The past 10 years have seen tremendous progress in the field of immunotherapy, particularly in the area of T-cell therapies. This approach is exemplified by engineered T-cells bearing an artificial Chimeric Antigen Receptor (CAR) that recognizes a specific protein expressed on the surface of tumor cells leading to rapid activation and tumor cell killing. While clinical success has been achieved in a small number of tumor types, the repertoire of surface proteins available for targeting with this technology is limited, severely restricting the development of CAR-T cells for multiple tumor types. In addition, the surface proteins targeted to date are also expressed on normal cells, resulting in CAR-T-mediated killing of non-cancerous cells and potentially life threatening side effects related to the magnitude of the ensuing immune response.

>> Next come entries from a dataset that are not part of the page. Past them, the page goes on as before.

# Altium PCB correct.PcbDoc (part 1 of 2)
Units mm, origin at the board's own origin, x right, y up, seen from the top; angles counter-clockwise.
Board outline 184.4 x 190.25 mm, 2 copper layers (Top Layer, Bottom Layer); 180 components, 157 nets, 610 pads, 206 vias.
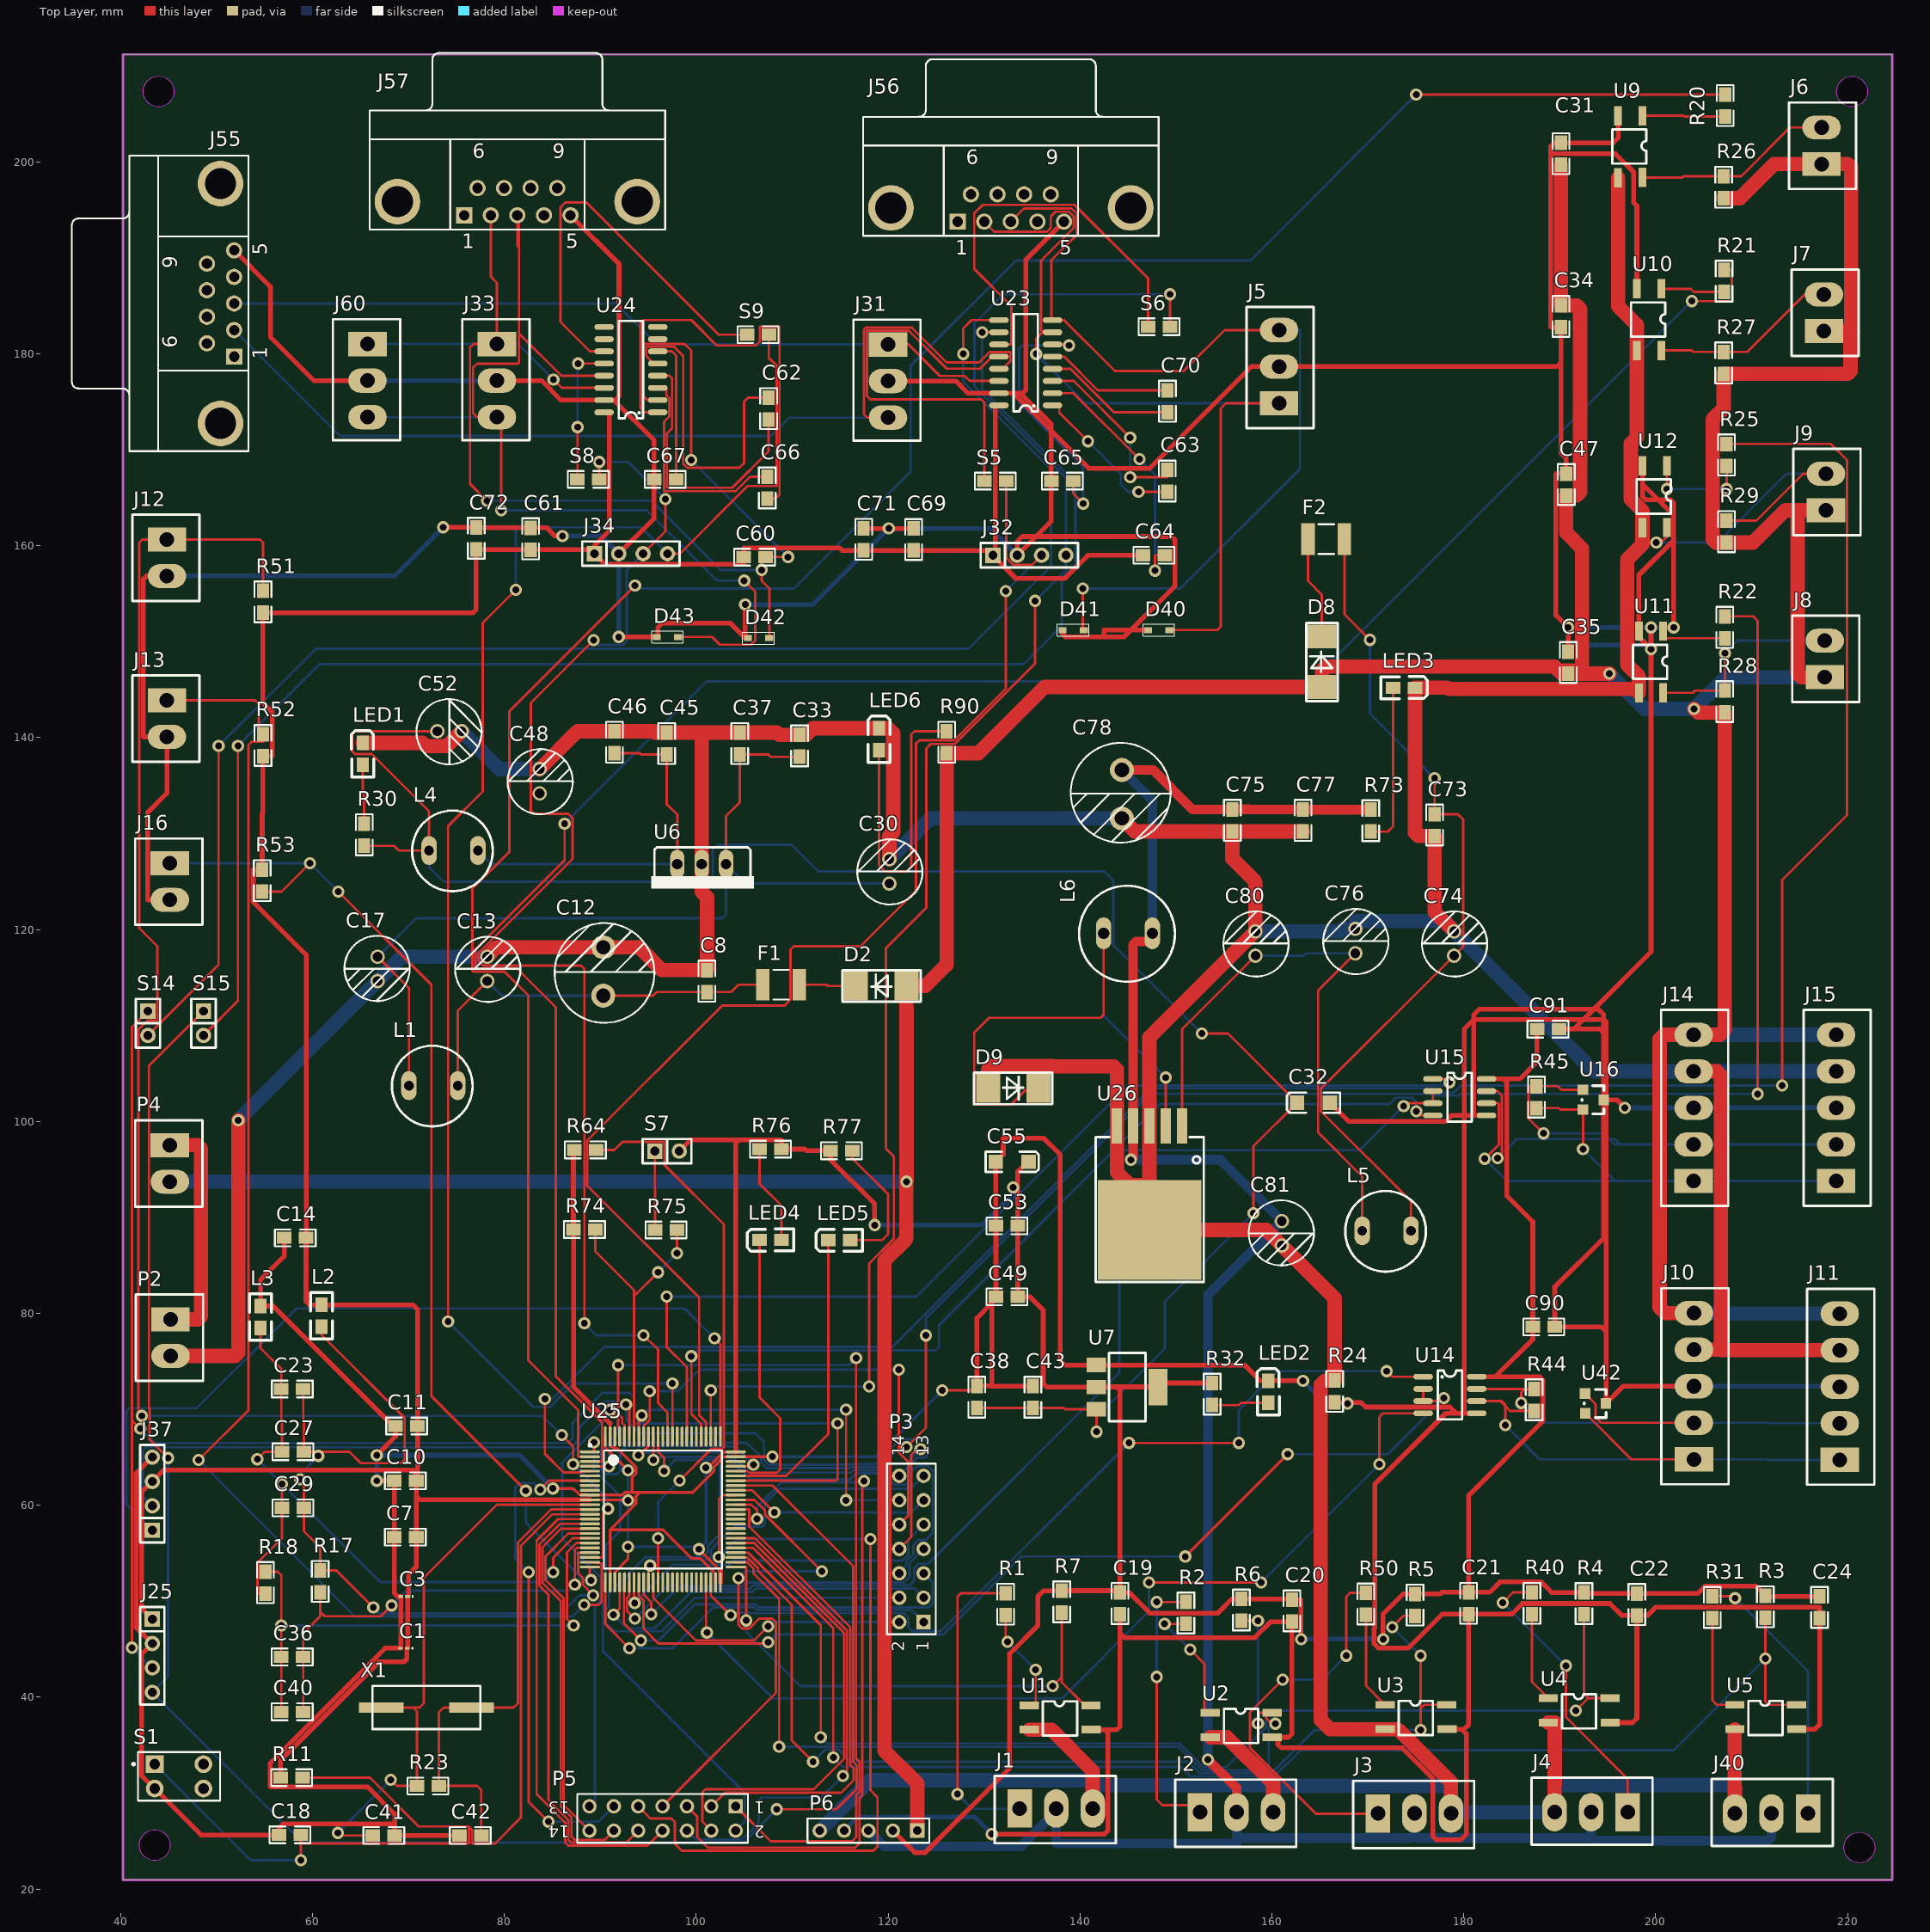
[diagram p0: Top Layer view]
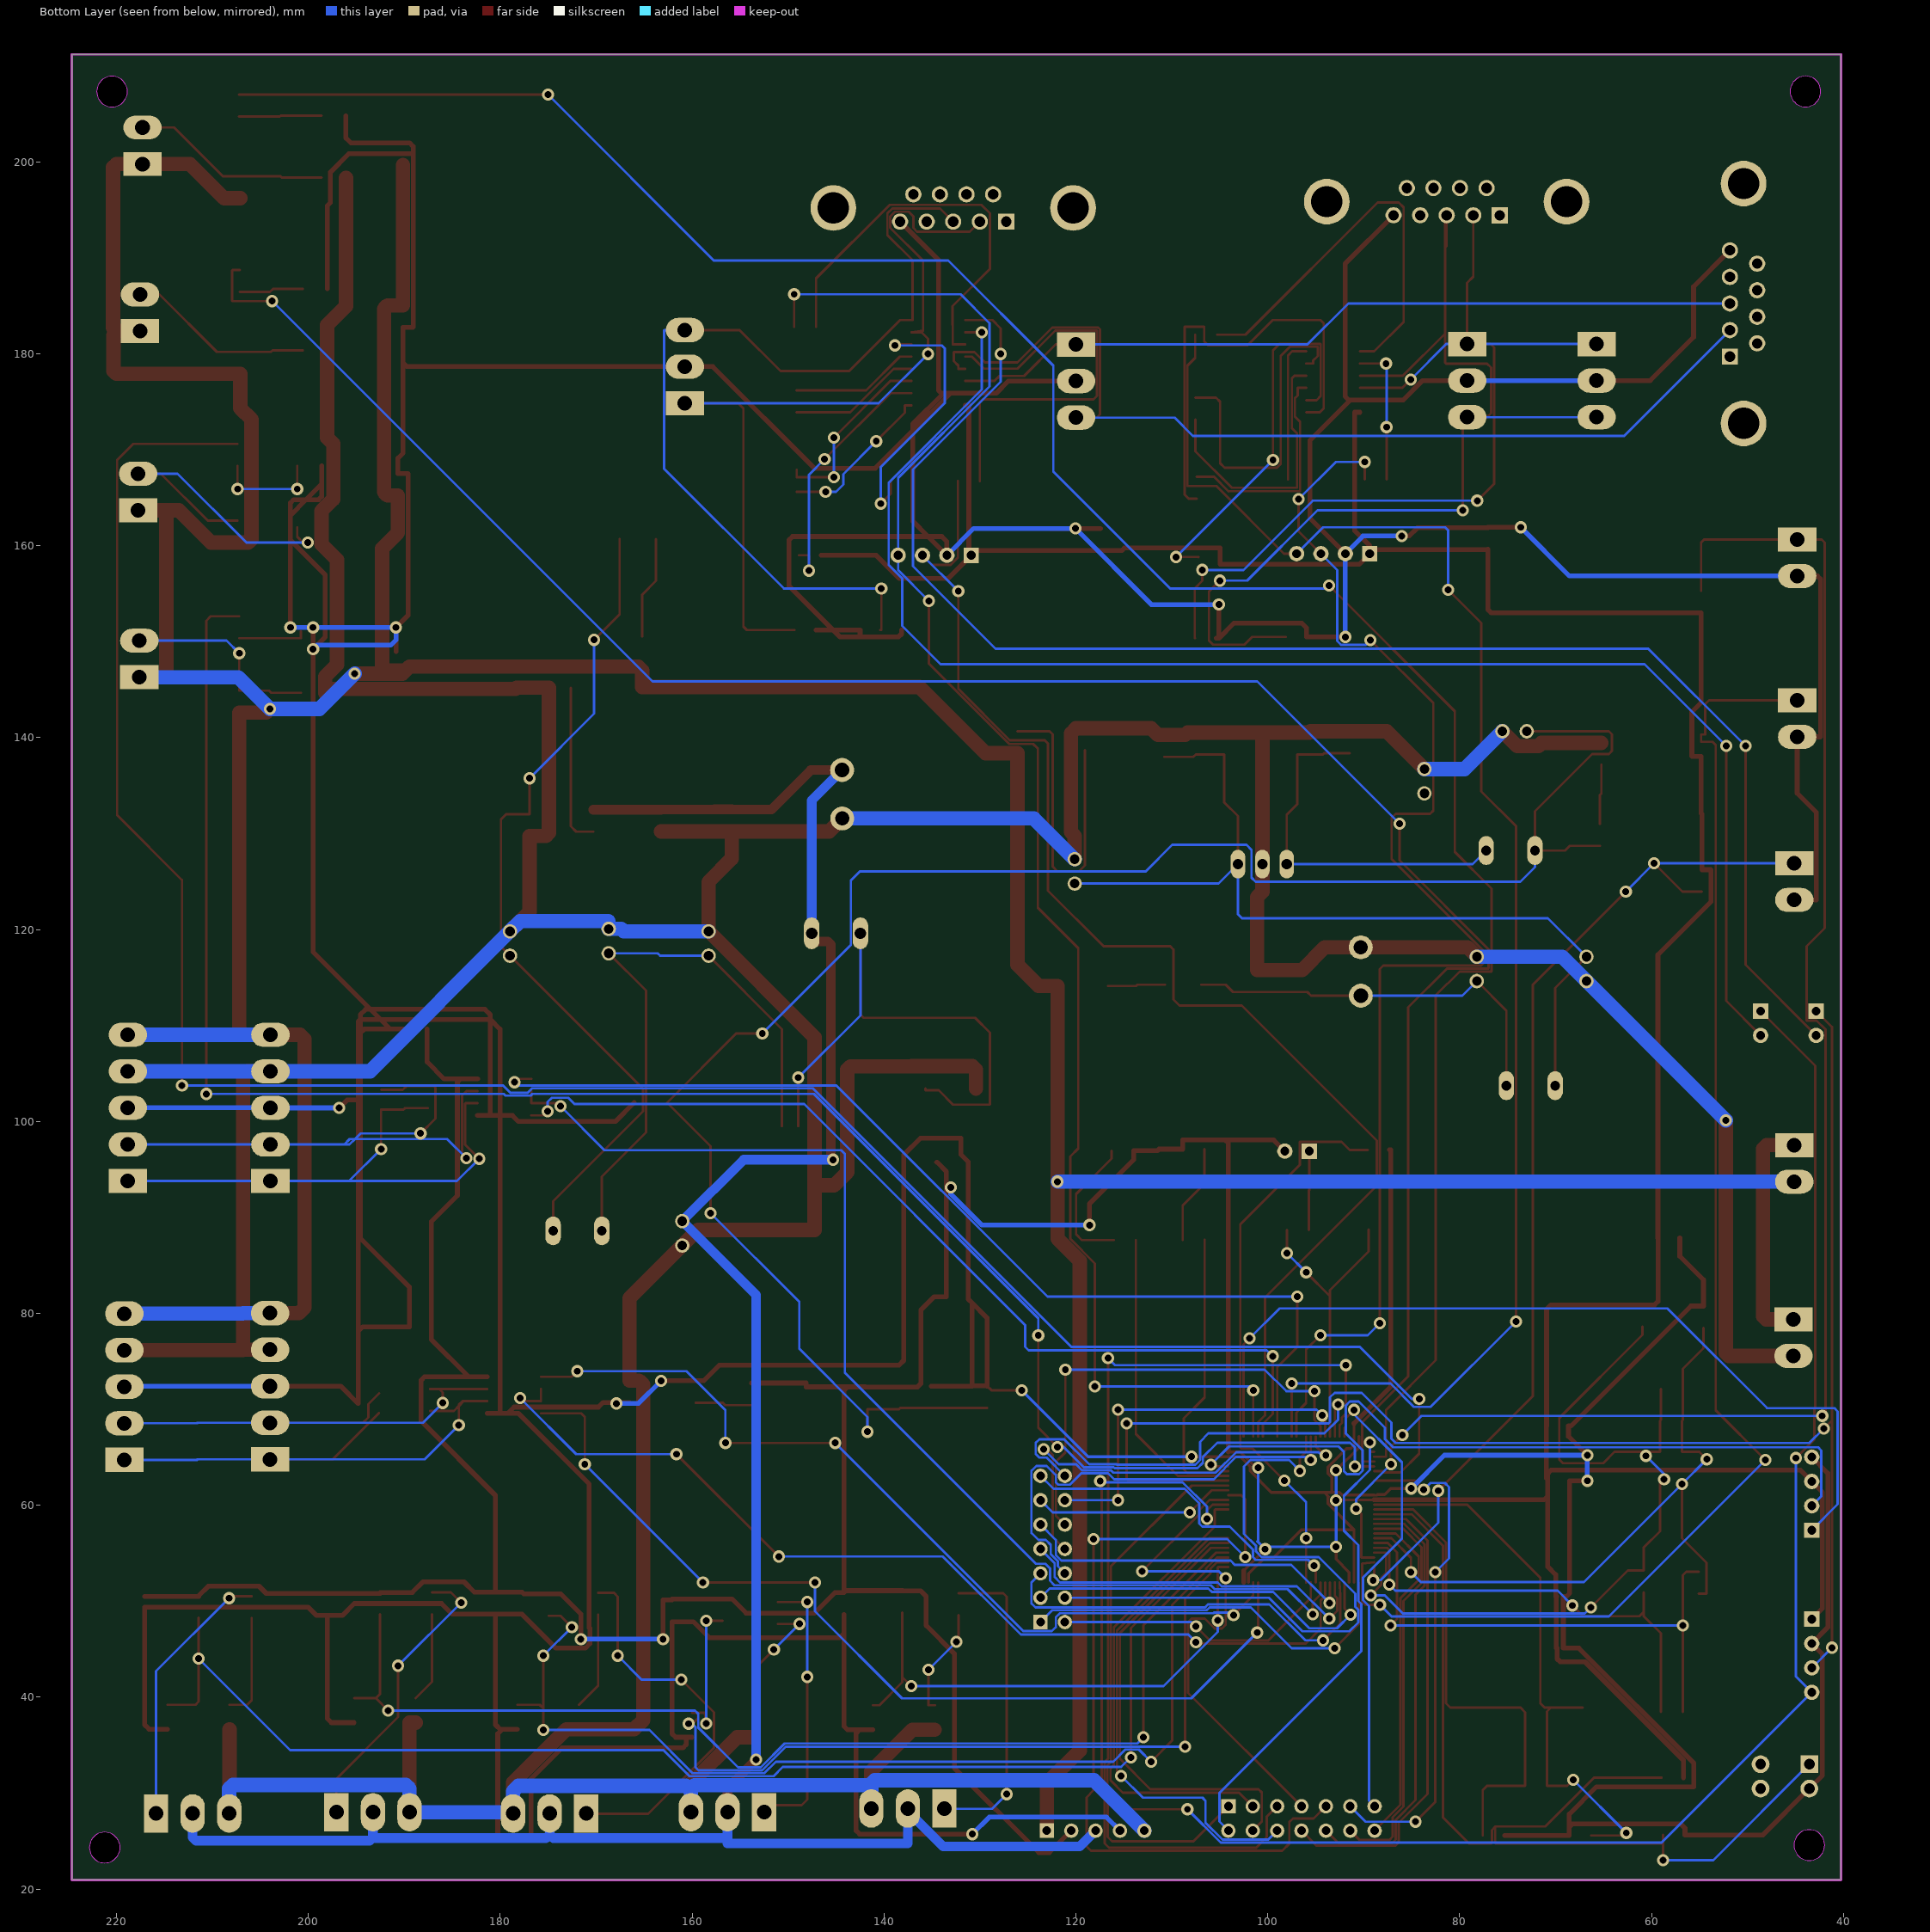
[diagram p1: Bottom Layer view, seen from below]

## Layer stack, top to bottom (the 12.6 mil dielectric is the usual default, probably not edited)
Top Solder: solder mask 0.0102, Solder Resist, Dk 3.5
Top Layer: signal copper 0.0356
Dielectric 1: dielectric 0.32, FR-4, Dk 4.8
Bottom Layer: signal copper 0.0356
Bottom Solder: solder mask 0.0102, Solder Resist, Dk 3.5

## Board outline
40.259,20.955 40.259,70.231 40.259,164.211 40.259,211.201 224.663,211.201 224.663,20.955
cut-out: 43.561,22.987 cw(c43.561,24.587) 41.961,24.587 cw(c43.561,24.587) 43.561,26.187 cw(c43.561,24.587) 45.161,24.587 cw(c43.561,24.587)
cut-out: 221.234,22.733 cw(c221.234,24.333) 219.634,24.333 cw(c221.234,24.333) 221.234,25.933 cw(c221.234,24.333) 222.834,24.333 cw(c221.234,24.333)
cut-out: 220.472,205.731 cw(c220.472,207.331) 218.872,207.331 cw(c220.472,207.331) 220.472,208.931 cw(c220.472,207.331) 222.072,207.331 cw(c220.472,207.331)
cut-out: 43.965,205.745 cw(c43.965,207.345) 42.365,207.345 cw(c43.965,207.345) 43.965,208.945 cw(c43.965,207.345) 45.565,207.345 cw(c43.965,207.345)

To address the scope and selectivity issues of CAR-T, Athenex is developing T-Cell Receptor Engineered T-Cell (TCR-T) based approaches. A TCR’s ability to selectively recognize target cells comes from its unique capacity to recognize “antigens” on the surface of cells. These antigens can be selective identifiers of malignant cells and a growing number of tumor associated antigens are being identified, enabling the engineering of a potent and selective TCR-T directed response against cancer.

Athenex has established a joint venture with Xiangxue Life Sciences, a wholly-owned subsidiary of Guangzhou Xiangxue Pharmaceutical Co., Ltd., to develop cell-based therapies that take advantage of the unique attributes of TCR mediated target recognition. Central to this platform is the ability to first identify endogenous TCRs with specificity for a defined tumor antigen and to then enhance the affinity of the TCR to optimize tumor recognition and killing. These High Affinity TCRs can be incorporated into a patient’s own T-cells converting the cells into a potent anti-cancer therapy. Using this technology, we believe the platform has generated engineered T-cells with higher binding affinity, specificity for intended target cells, expression level of the TCR and persistence in patients’ circulation during therapy. Preliminary studies have shown positive clinical signals.